### EXERCISE INSTRUCTIONS
Leave out every line before the one containing "VENEZIANA DE CORRER", and repeat the rest of the material below exactly, that line included.

▼

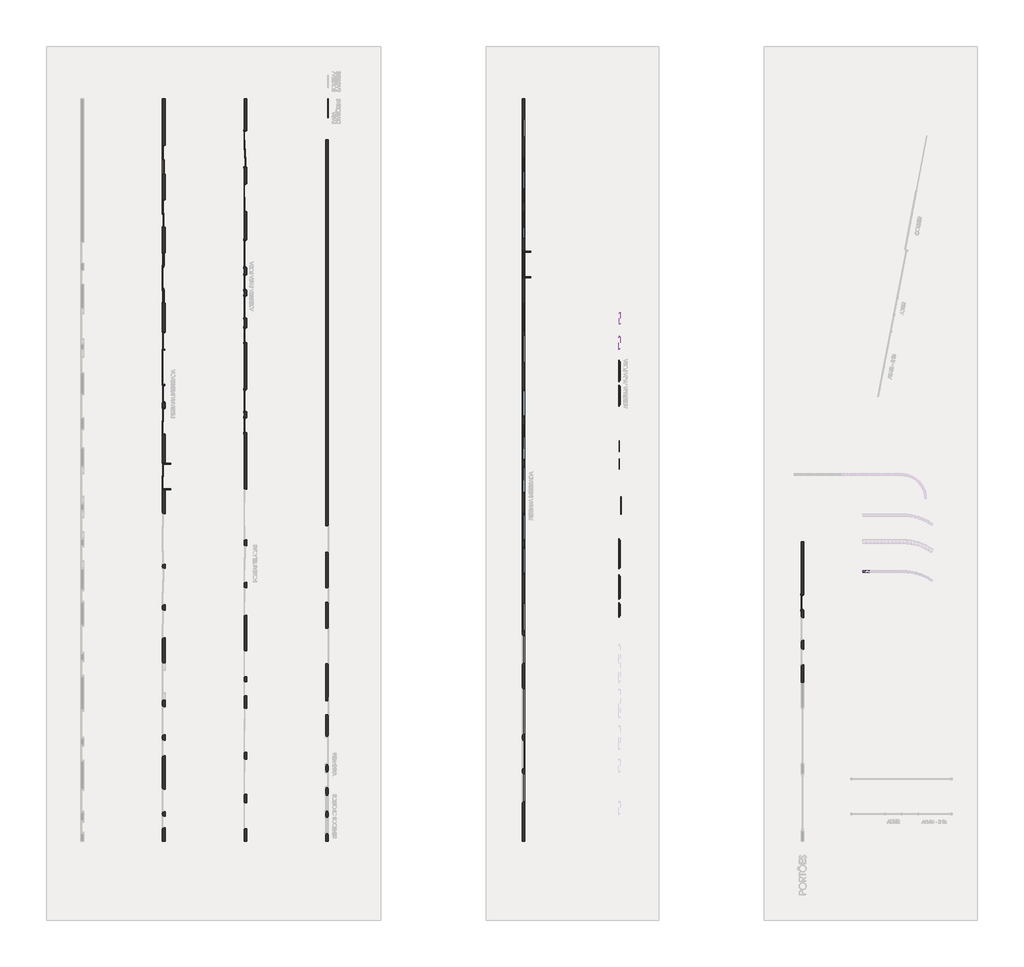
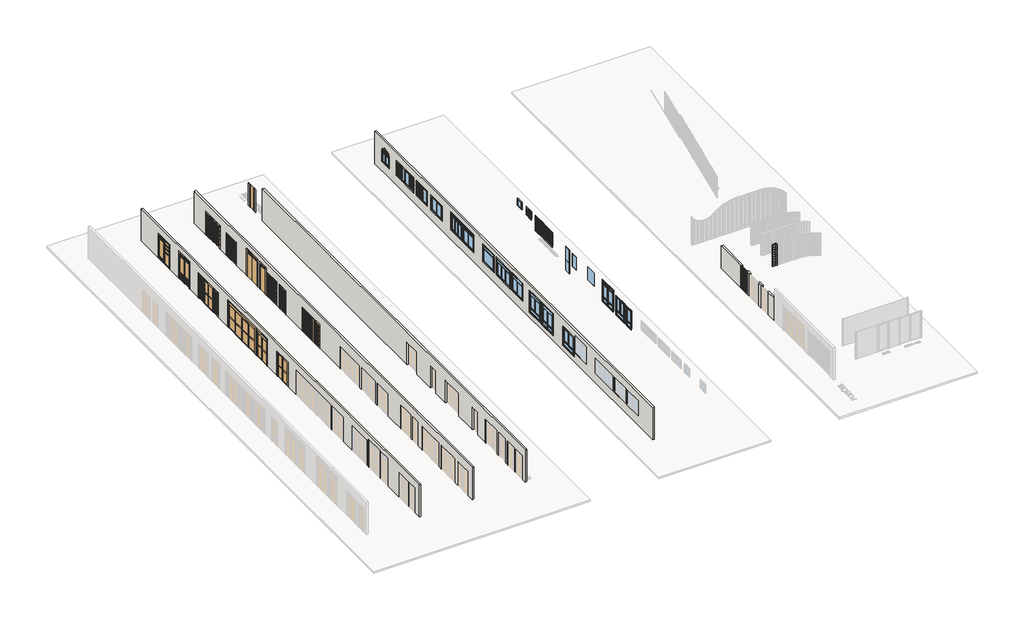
# One storey, part 2 of 15: 28 members, 22 windows, 18 plates, 16 doors, 6 walls.
"""IFC4 building model written with IfcOpenShell, lengths in millimetres."""

from ifc_helpers import new_model, si_unit, point, frame, frame_2d, origin, origin_with_axes, place, context, project, spatial, polyline, circle_curve, trimmed, segment, composite_curve, outline, extrude, transform, mapped, element, save
from components import door_120_x_210_11fb88a3, door_120_x_210_e39afd73, door_150_x_210_43c40135, door_150_x_220_97c69609, door_150_x_220_da17bf78, door_150_x_220_6ef245d6, door_150_x_220_6492d4d8, door_150_x_220_2da67abe, door_150_x_220_79fef6c3, door_200_x_210_1ee3ac55, door_200_x_210_0d7408c9, door_280_x_220_15cdb0a3, door_280_x_220_b82a3945, door_280_x_220_79a5b8a2, door_400_x_220_30593671, door_60_x_210_5ad6dbc2, door_80_160_x_210_04e50e8b, door_80_x_210_6ad2ea2f, door_80_x_210_b93372b0, door_80_x_220_70965305, door_80_x_210_1a701485, rectangular_mullion_junta_tijolo_de_vidro_3e2591da, rectangular_mullion_junta_tijolo_de_vidro_f72a5d11, rectangular_mullion_junta_tijolo_de_vidro_3e2b090d, rectangular_mullion_junta_tijolo_de_vidro_f51e90fd, rectangular_mullion_junta_tijolo_de_vidro_30a91def, rectangular_mullion_junta_tijolo_de_vidro_89802564, pnl_tijolo_de_vidro_a28b313b, window_100_x_120_d4ad384e, window_100_x_120_4a258b0d, window_100_x_120_e8788bc4, window_120_x_120_eb8e6252, window_150_x_120_fd5e9068, window_150_x_120_ad32f1ee, window_150_x_120_70a6131e, window_150_x_120_577b85d9, window_150_x_120_a11b06af, window_150_x_120_ec33c482, window_150_x_120_389f36cc, window_150_x_120_f6b27d10, window_150_x_120_5ce5c8ce, window_150_x_120_4bd1545a, window_200_x_120_acaa8d7a, window_250_x_120_5eaaa340, window_60_x_120_94a805db, window_60_x_120_d88f8660, window_60_x_120_2cb1537e, window_60_x_60_8af40003, window_60_x_60_2f3ebeee, janela_de_vidro_fixo_1_folha_100_x_110_6122613a

model = new_model("IFC4")

# Units and contexts
model_context = context("Model", 3, world=origin())
ifc_project = project(units=[si_unit("LENGTHUNIT", "METRE", prefix="MILLI")], contexts=[model_context])

# Site, building, storey
site = spatial("IfcSite", under=ifc_project)
building = spatial("IfcBuilding", under=site)
storey = spatial("IfcBuildingStorey", under=building, Name="TÉRREO", Elevation=0.0)

# Doors
placement = place(None, origin())
door_120_x_210_shape = door_120_x_210_11fb88a3(model_context)
element("IfcDoor", 1, ObjectType="PORTA VENEZIANA DE ABRIR - 2 FOLHAS : 120 X 210", at=placement, inside=storey, context=model_context, shape_type="MappedRepresentation", body=[
    mapped(door_120_x_210_shape, transform((8491.3161052, 12715.6559196, 0.0), x_axis=(0.0, -1.0, 0.0), y_axis=(1.0, 0.0, 0.0), z_axis=(0.0, 0.0, 1.0))),
])
door_120_x_210_2_shape = door_120_x_210_e39afd73(model_context)
element("IfcDoor", 2, ObjectType="PORTA VENEZIANA DE ABRIR PARA FORA - 2 FOLHAS : 120 X 210", at=placement, inside=storey, context=model_context, shape_type="MappedRepresentation", body=[
    mapped(door_120_x_210_2_shape, transform((8491.3161052, 17875.6559196, 0.0), x_axis=(0.0, 1.0, 0.0), y_axis=(-1.0, 0.0, 0.0), z_axis=(0.0, 0.0, 1.0))),
])
door_150_x_210_shape = door_150_x_210_43c40135(model_context)
element("IfcDoor", 3, ObjectType="PORTA VENEZIANA DE CORRER - 2 FOLHAS : 150 X 210", at=placement, inside=storey, context=model_context, shape_type="MappedRepresentation", body=[
    mapped(door_150_x_210_shape, transform((8489.3202338, 24238.8167935, 0.0), x_axis=(0.0, -1.0, 0.0), y_axis=(1.0, 0.0, 0.0), z_axis=(0.0, 0.0, 1.0))),
])
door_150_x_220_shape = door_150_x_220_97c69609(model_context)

▲

### SOLUTION
element("IfcDoor", 3, ObjectType="PORTA VENEZIANA DE CORRER - 2 FOLHAS : 150 X 210", at=placement, inside=storey, context=model_context, shape_type="MappedRepresentation", body=[
    mapped(door_150_x_210_shape, transform((8489.3202338, 24238.8167935, 0.0), x_axis=(0.0, -1.0, 0.0), y_axis=(1.0, 0.0, 0.0), z_axis=(0.0, 0.0, 1.0))),
])
door_150_x_220_shape = door_150_x_220_97c69609(model_context)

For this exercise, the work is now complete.